The following tests can be performed:

• On the amniotic fluid:
  • AFP and acetylcholinesterase levels (for neural tube defects)
  • Bilirubin levels (for gestational assessment and to detect isoimmune haemolysis)
  • Tests of lung maturity (various but lecithin to sphingomyelin ratio for example)
  • Enzyme analysis (many and varied including for inborn errors of metabolism)
• On fetal cells extracted from amniotic fluid testing for genetic and chromosomal disorders:
  • Direct metaphase visualisation of chromosomes (for example for Prader-Willi syndrome)
  • Direct DNA analysis techniques (for example for Tay-Sachs disease, phenylketonuria, Duchenne muscular dystrophy and cystic fibrosis)
  • Indirect DNA analysis (used for example to detect linkage disorders when the exact gene is not known)
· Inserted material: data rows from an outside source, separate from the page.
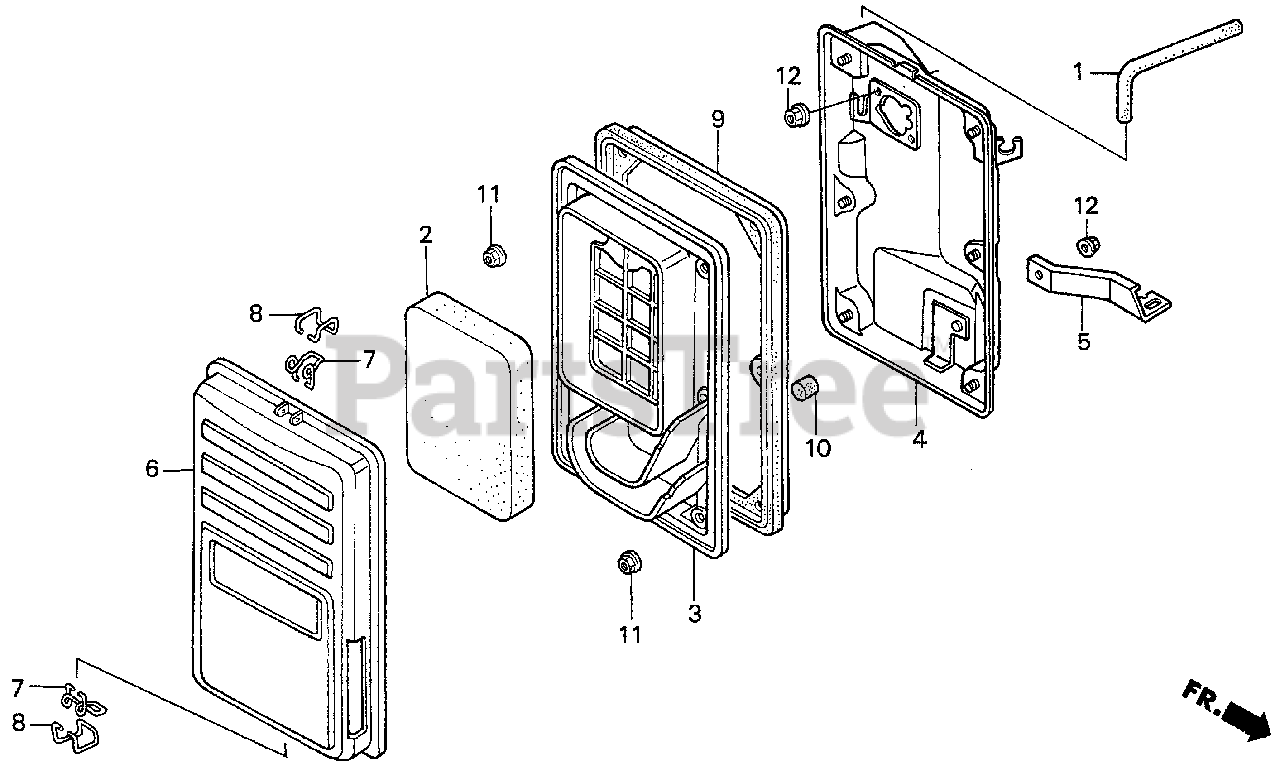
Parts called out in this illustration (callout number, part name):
1	TUBE, BREATHER
2	ELEMENT, AIR CLEANER
3	SEPARATOR, AIR CLEANER
4	HOUSING, AIR CLEANER
5	STAY, AIR CLEANER
6	COVER, AIR CLEANER
7	CLIP A, AIR CLEANER WIRE
8	CLIP B, AIR CLEANER WIRE
9	SEAL, AIR CLEANER
10	FILTER, DRAIN TUBE
11	NUT, FLANGE (5MM)
12	NUT, FLANGE (6MM)
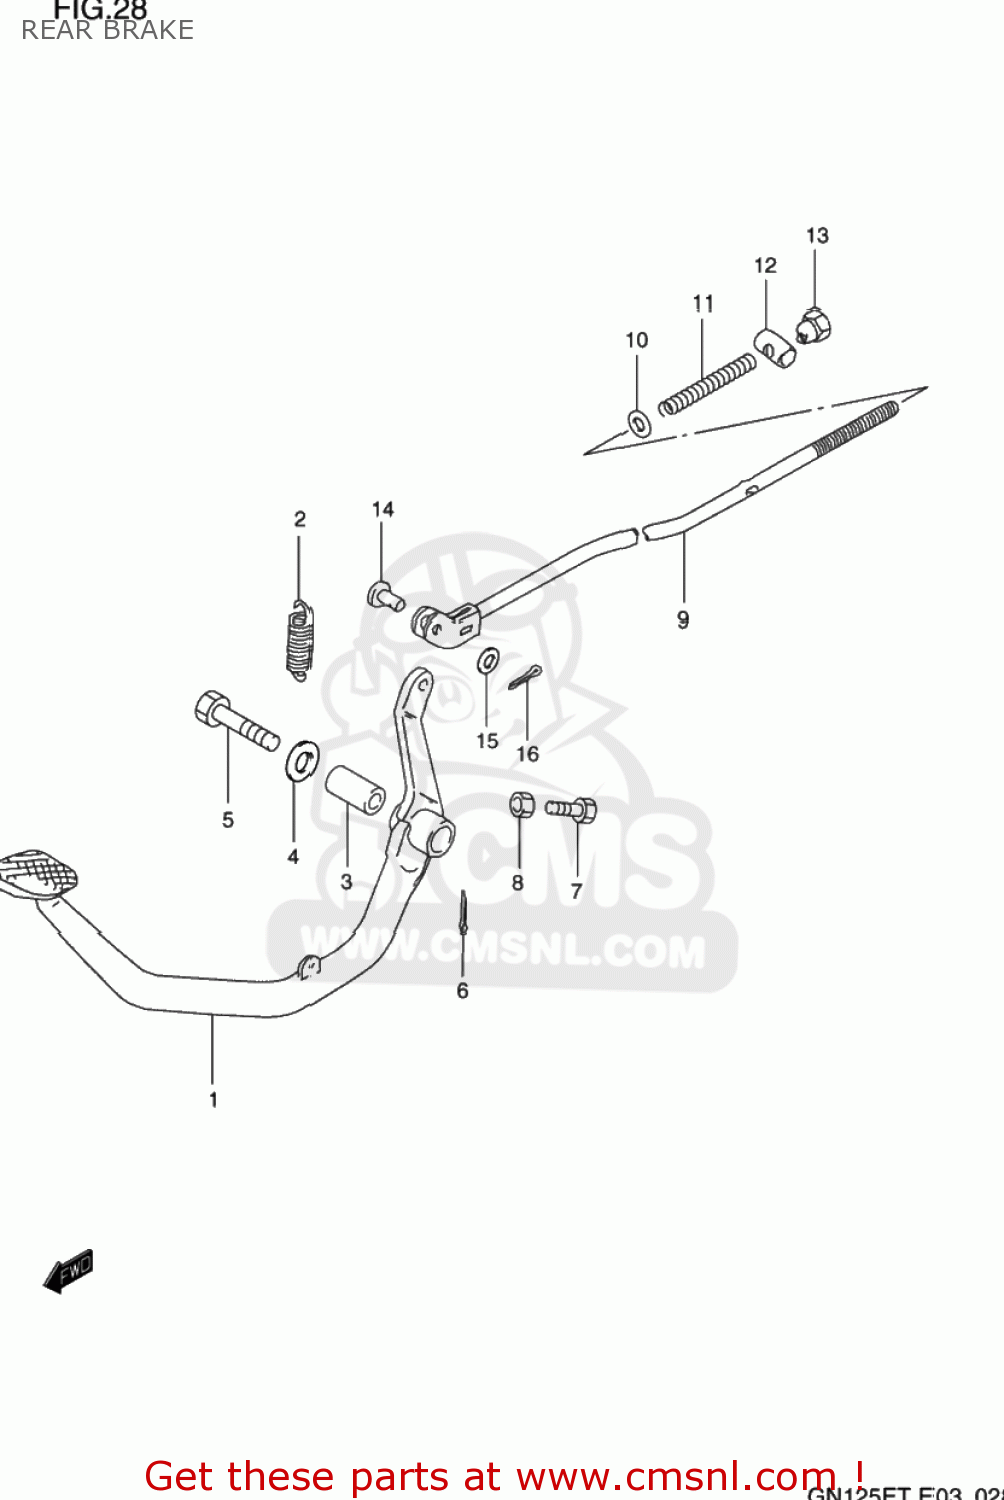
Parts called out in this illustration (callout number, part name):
1	PEDAL,BRAKE
2	SPRING
3	SPACER,BRAKE PEDAL BOSS
4	WASHER
5	BOLT 10X52
6	PIN 20X20
7	BOLT(6X23)
8	NUT
9	ROD ASSY,RR BRAKE
10	WASHER
11	SPRING
12	PIN(11X18)
13	NUT (6MM)
14	PIN(L:13.5)
15	WASHER
16	PIN 20X20

• Distressing symptoms (uterine cramping)
• Uterine bleeding (about 2%)
• Amniotic fluid leakage (about 3%)⁸
• There is a risk of maternal rhesus sensitisation in susceptible pregnancies (true for CVS as well)
• Amnionitis (only about 0.1%)
• Approximately 1% increased risk of pregnancy loss compared to the background risk⁶
• Failure of cell culture from 1% up to 5% if performed under 12 weeks' gestation
• Anxiety for parents caused by delay in diagnosis (may make choices for termination of pregnancy difficult)

• Chorionic villus sampling (CVS):⁹
  • Provides diagnosis in same first trimester period as early amniocentesis
  • Technique of choice for prenatal diagnosis before 12 weeks of, for example:
    • Chromosomal abnormalities
    • Genetic disorders (DNA diagnosis)
    • Enzymatic defects (for example congenital adrenal hyperplasia, lysosomal enzyme defects)
  • Rapid results
  • Lesser risk of pregnancy loss compared to early amniocentesis (~5%)
  • Greater risk of pregnancy loss than midtrimester amniocentesis⁶
  • More fetal defects (limb reduction, oromandibular defects) especially if performed before 10 weeks' gestation
  • However, it is more technically demanding and not always available⁶

Any benefits of earlier diagnosis with chorionic villus sampling (CVS) must be carefully balanced against the greater risk of pregnancy loss compared with second trimester amniocentesis.¹⁰ There appears in some series to be no significant difference in long-term health outcomes between children who had transcervical CVS or amniocentesis for prenatal testing.¹¹

It is good practice to offer genetic counselling before and after diagnostic testing. Such counselling should inform parents and families about the conditions being tested for and the implications for possible treatments and the continuation of the pregnancy.